SM - Não foi bem uma angariação. As pessoas recebiam sempre qualquer contrapartida. O 'South' é uma feira de música, cinema e tecnologia, com muitos acontecimentos a decorrerem ao mesmo tempo. Nós demos dois concertos, o primeiro estava composto, o segundo foi no hall de um hotel e as pessoas iam passando e parando. Mas foi uma experiência muito boa.

PP – Também já tocaram em Brighton, no Reino Unido...

DS – Esse foi um dos melhores, porque são muitas bandas a tocar, mas nós conseguimos tocar num dos sítios mais centrais, onde as pessoas iam independentemente de quem estivesse a tocar. Senti da parte das pessoas uma repercussão muito boa e a um nível muito bom. Éramos desconhecidos, mas sentimos que, ao fim de duas, três músicas, as pessoas começaram a reagir muito bem.

SM - Foi a partir desse concerto que um jornalista francês escreveu sobre nós na revista "Los Inrockcuptibles".

PP - Qual a melhor coisa que podia acontecer este ano relativamente a este trabalho?

DS – As pessoas reagirem bem ao trabalho que fazes. Isso dá-te força para fazer outros trabalhos.

PP – Mudariam alguma coisa?

SM – Quando estamos a fazer o trabalho, discutimos muito, ao pormenor, todas as coisas, todas as fases. Mas, assim que se fecha uma música, chegamos a um consenso, está fechado.

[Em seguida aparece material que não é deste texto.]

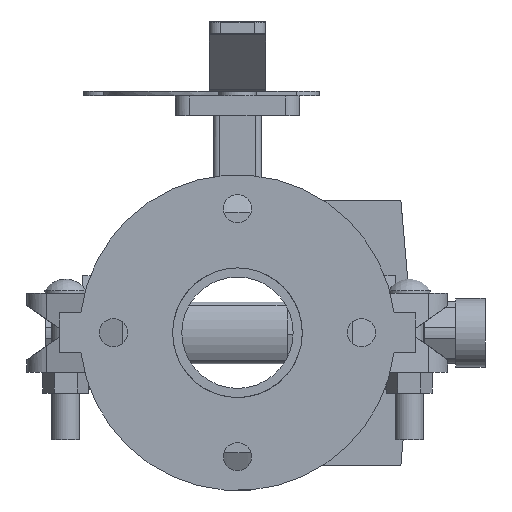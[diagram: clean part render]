
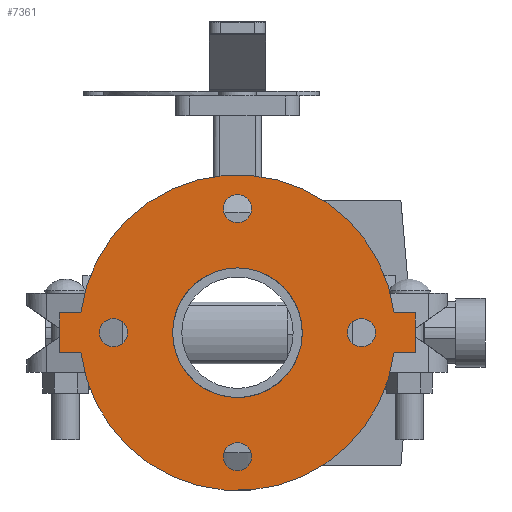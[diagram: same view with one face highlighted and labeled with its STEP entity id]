
A CAD part, front view. The second image highlights one B-rep face of the part: STEP entity #7361.
In plain terms, the highlighted planar face has unit normal (0, -1, 0) as drawn and (0, 0, -1) by its records, which use the part's own axes.
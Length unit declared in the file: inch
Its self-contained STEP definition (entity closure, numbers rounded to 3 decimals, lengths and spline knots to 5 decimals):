
#169=FACE_BOUND('',#903,.T.);
#170=FACE_BOUND('',#904,.T.);
#171=FACE_BOUND('',#905,.T.);
#172=FACE_BOUND('',#906,.T.);
#173=FACE_BOUND('',#907,.T.);
#258=PLANE('',#7982);
#495=FACE_OUTER_BOUND('',#902,.T.);
#902=EDGE_LOOP('',(#4708,#4709,#4710,#4711,#4712,#4713,#4714,#4715));
#903=EDGE_LOOP('',(#4716));
#904=EDGE_LOOP('',(#4717));
#905=EDGE_LOOP('',(#4718));
#906=EDGE_LOOP('',(#4719));
#907=EDGE_LOOP('',(#4720,#4721));
#1398=LINE('',#11185,#1956);
#1399=LINE('',#11187,#1957);
#1400=LINE('',#11189,#1958);
#1401=LINE('',#11193,#1959);
#1402=LINE('',#11195,#1960);
#1403=LINE('',#11196,#1961);
#1956=VECTOR('',#8880,0.3937);
#1957=VECTOR('',#8881,0.3937);
#1958=VECTOR('',#8882,0.3937);
#1959=VECTOR('',#8885,0.3937);
#1960=VECTOR('',#8886,0.3937);
#1961=VECTOR('',#8887,0.3937);
#2511=CIRCLE('',#7972,0.3125);
#2513=CIRCLE('',#7975,0.3125);
#2515=CIRCLE('',#7978,0.3125);
#2517=CIRCLE('',#7981,0.3125);
#2518=CIRCLE('',#7983,3.5);
#2519=CIRCLE('',#7984,3.5);
#2520=CIRCLE('',#7985,1.4375);
#2521=CIRCLE('',#7986,1.4375);
#2937=VERTEX_POINT('',#11159);
#2939=VERTEX_POINT('',#11165);
#2941=VERTEX_POINT('',#11171);
#2943=VERTEX_POINT('',#11177);
#2944=VERTEX_POINT('',#11181);
#2945=VERTEX_POINT('',#11182);
#2946=VERTEX_POINT('',#11184);
#2947=VERTEX_POINT('',#11186);
#2948=VERTEX_POINT('',#11188);
#2949=VERTEX_POINT('',#11190);
#2950=VERTEX_POINT('',#11192);
#2951=VERTEX_POINT('',#11194);
#2952=VERTEX_POINT('',#11197);
#2953=VERTEX_POINT('',#11198);
#3643=EDGE_CURVE('',#2937,#2937,#2511,.T.);
#3646=EDGE_CURVE('',#2939,#2939,#2513,.T.);
#3649=EDGE_CURVE('',#2941,#2941,#2515,.T.);
#3652=EDGE_CURVE('',#2943,#2943,#2517,.T.);
#3653=EDGE_CURVE('',#2944,#2945,#2518,.T.);
#3654=EDGE_CURVE('',#2945,#2946,#1398,.T.);
#3655=EDGE_CURVE('',#2946,#2947,#1399,.T.);
#3656=EDGE_CURVE('',#2947,#2948,#1400,.T.);
#3657=EDGE_CURVE('',#2948,#2949,#2519,.T.);
#3658=EDGE_CURVE('',#2949,#2950,#1401,.T.);
#3659=EDGE_CURVE('',#2950,#2951,#1402,.T.);
#3660=EDGE_CURVE('',#2951,#2944,#1403,.T.);
#3661=EDGE_CURVE('',#2952,#2953,#2520,.T.);
#3662=EDGE_CURVE('',#2953,#2952,#2521,.T.);
#4708=ORIENTED_EDGE('',*,*,#3653,.T.);
#4709=ORIENTED_EDGE('',*,*,#3654,.T.);
#4710=ORIENTED_EDGE('',*,*,#3655,.T.);
#4711=ORIENTED_EDGE('',*,*,#3656,.T.);
#4712=ORIENTED_EDGE('',*,*,#3657,.T.);
#4713=ORIENTED_EDGE('',*,*,#3658,.T.);
#4714=ORIENTED_EDGE('',*,*,#3659,.T.);
#4715=ORIENTED_EDGE('',*,*,#3660,.T.);
#4716=ORIENTED_EDGE('',*,*,#3643,.T.);
#4717=ORIENTED_EDGE('',*,*,#3646,.T.);
#4718=ORIENTED_EDGE('',*,*,#3649,.T.);
#4719=ORIENTED_EDGE('',*,*,#3652,.T.);
#4720=ORIENTED_EDGE('',*,*,#3661,.T.);
#4721=ORIENTED_EDGE('',*,*,#3662,.T.);
#7361=ADVANCED_FACE('',(#495,#169,#170,#171,#172,#173),#258,.T.);
#7972=AXIS2_PLACEMENT_3D('',#11161,#8853,#8854);
#7975=AXIS2_PLACEMENT_3D('',#11167,#8860,#8861);
#7978=AXIS2_PLACEMENT_3D('',#11173,#8867,#8868);
#7981=AXIS2_PLACEMENT_3D('',#11179,#8874,#8875);
#7982=AXIS2_PLACEMENT_3D('',#11180,#8876,#8877);
#7983=AXIS2_PLACEMENT_3D('',#11183,#8878,#8879);
#7984=AXIS2_PLACEMENT_3D('',#11191,#8883,#8884);
#7985=AXIS2_PLACEMENT_3D('',#11199,#8888,#8889);
#7986=AXIS2_PLACEMENT_3D('',#11200,#8890,#8891);
#8853=DIRECTION('center_axis',(0.,0.,1.));
#8854=DIRECTION('ref_axis',(0.,1.,0.));
#8860=DIRECTION('center_axis',(0.,0.,1.));
#8861=DIRECTION('ref_axis',(1.,0.,0.));
#8867=DIRECTION('center_axis',(0.,0.,1.));
#8868=DIRECTION('ref_axis',(0.,-1.,0.));
#8874=DIRECTION('center_axis',(0.,0.,1.));
#8875=DIRECTION('ref_axis',(-1.,0.,0.));
#8876=DIRECTION('center_axis',(0.,0.,-1.));
#8877=DIRECTION('ref_axis',(-1.,0.,0.));
#8878=DIRECTION('center_axis',(0.,0.,-1.));
#8879=DIRECTION('ref_axis',(-1.,0.,0.));
#8880=DIRECTION('',(0.,1.,0.));
#8881=DIRECTION('',(1.,0.,0.));
#8882=DIRECTION('',(0.,-1.,0.));
#8883=DIRECTION('center_axis',(0.,0.,-1.));
#8884=DIRECTION('ref_axis',(-1.,0.,0.));
#8885=DIRECTION('',(0.,-1.,0.));
#8886=DIRECTION('',(-1.,0.,0.));
#8887=DIRECTION('',(0.,1.,0.));
#8888=DIRECTION('center_axis',(0.,0.,1.));
#8889=DIRECTION('ref_axis',(-1.,0.,0.));
#8890=DIRECTION('center_axis',(0.,0.,1.));
#8891=DIRECTION('ref_axis',(-1.,0.,0.));
#11159=CARTESIAN_POINT('',(0.,2.4375,-0.44));
#11161=CARTESIAN_POINT('Origin',(0.,2.75,-0.44));
#11165=CARTESIAN_POINT('',(2.4375,0.,-0.44));
#11167=CARTESIAN_POINT('Origin',(2.75,0.,-0.44));
#11171=CARTESIAN_POINT('',(0.,-2.4375,-0.44));
#11173=CARTESIAN_POINT('Origin',(0.,-2.75,-0.44));
#11177=CARTESIAN_POINT('',(-2.4375,0.,-0.44));
#11179=CARTESIAN_POINT('Origin',(-2.75,0.,-0.44));
#11180=CARTESIAN_POINT('Origin',(0.,0.,-0.44));
#11181=CARTESIAN_POINT('',(-0.44,-3.47223,-0.44));
#11182=CARTESIAN_POINT('',(-0.44,3.47223,-0.44));
#11183=CARTESIAN_POINT('Origin',(0.,0.,-0.44));
#11184=CARTESIAN_POINT('',(-0.44,3.94,-0.44));
#11185=CARTESIAN_POINT('',(-0.44,-3.94,-0.44));
#11186=CARTESIAN_POINT('',(0.44,3.94,-0.44));
#11187=CARTESIAN_POINT('',(-0.44,3.94,-0.44));
#11188=CARTESIAN_POINT('',(0.44,3.47223,-0.44));
#11189=CARTESIAN_POINT('',(0.44,3.94,-0.44));
#11190=CARTESIAN_POINT('',(0.44,-3.47223,-0.44));
#11191=CARTESIAN_POINT('Origin',(0.,0.,-0.44));
#11192=CARTESIAN_POINT('',(0.44,-3.94,-0.44));
#11193=CARTESIAN_POINT('',(0.44,3.94,-0.44));
#11194=CARTESIAN_POINT('',(-0.44,-3.94,-0.44));
#11195=CARTESIAN_POINT('',(0.44,-3.94,-0.44));
#11196=CARTESIAN_POINT('',(-0.44,-3.94,-0.44));
#11197=CARTESIAN_POINT('',(0.44,1.36851,-0.44));
#11198=CARTESIAN_POINT('',(1.4375,0.,-0.44));
#11199=CARTESIAN_POINT('Origin',(0.,0.,-0.44));
#11200=CARTESIAN_POINT('Origin',(0.,0.,-0.44));

DS – Se há alguém na banda que não concorde, o resto da banda tem o cuidado de ouvir para perceber se, de facto, há coisas que podem ser melhoradas, por isso, não há lugar para pensarmos nisso.

PP - O primeiro trabalho era mais folk; o segundo, um dispersar entre vários géneros de música; e este, mais recente, parece mais coeso. Nota-se uma evolução.

DS – Não foi uma coisa premeditada. Quando estamos a fazer uma canção, vamos experimentando e, quando sai bem, esse passa a ser o novo caminho. As partes mais elétricas, por exemplo, funcionam melhor ao vivo.

SM – Cada um conseguiu perceber o seu lugar na banda e agora aventuramo-nos menos, sabemos os pontos fortes e fracos de cada e, para este trabalho, explorámos isso ao máximo. É isso o que se quis transmitir para este disco.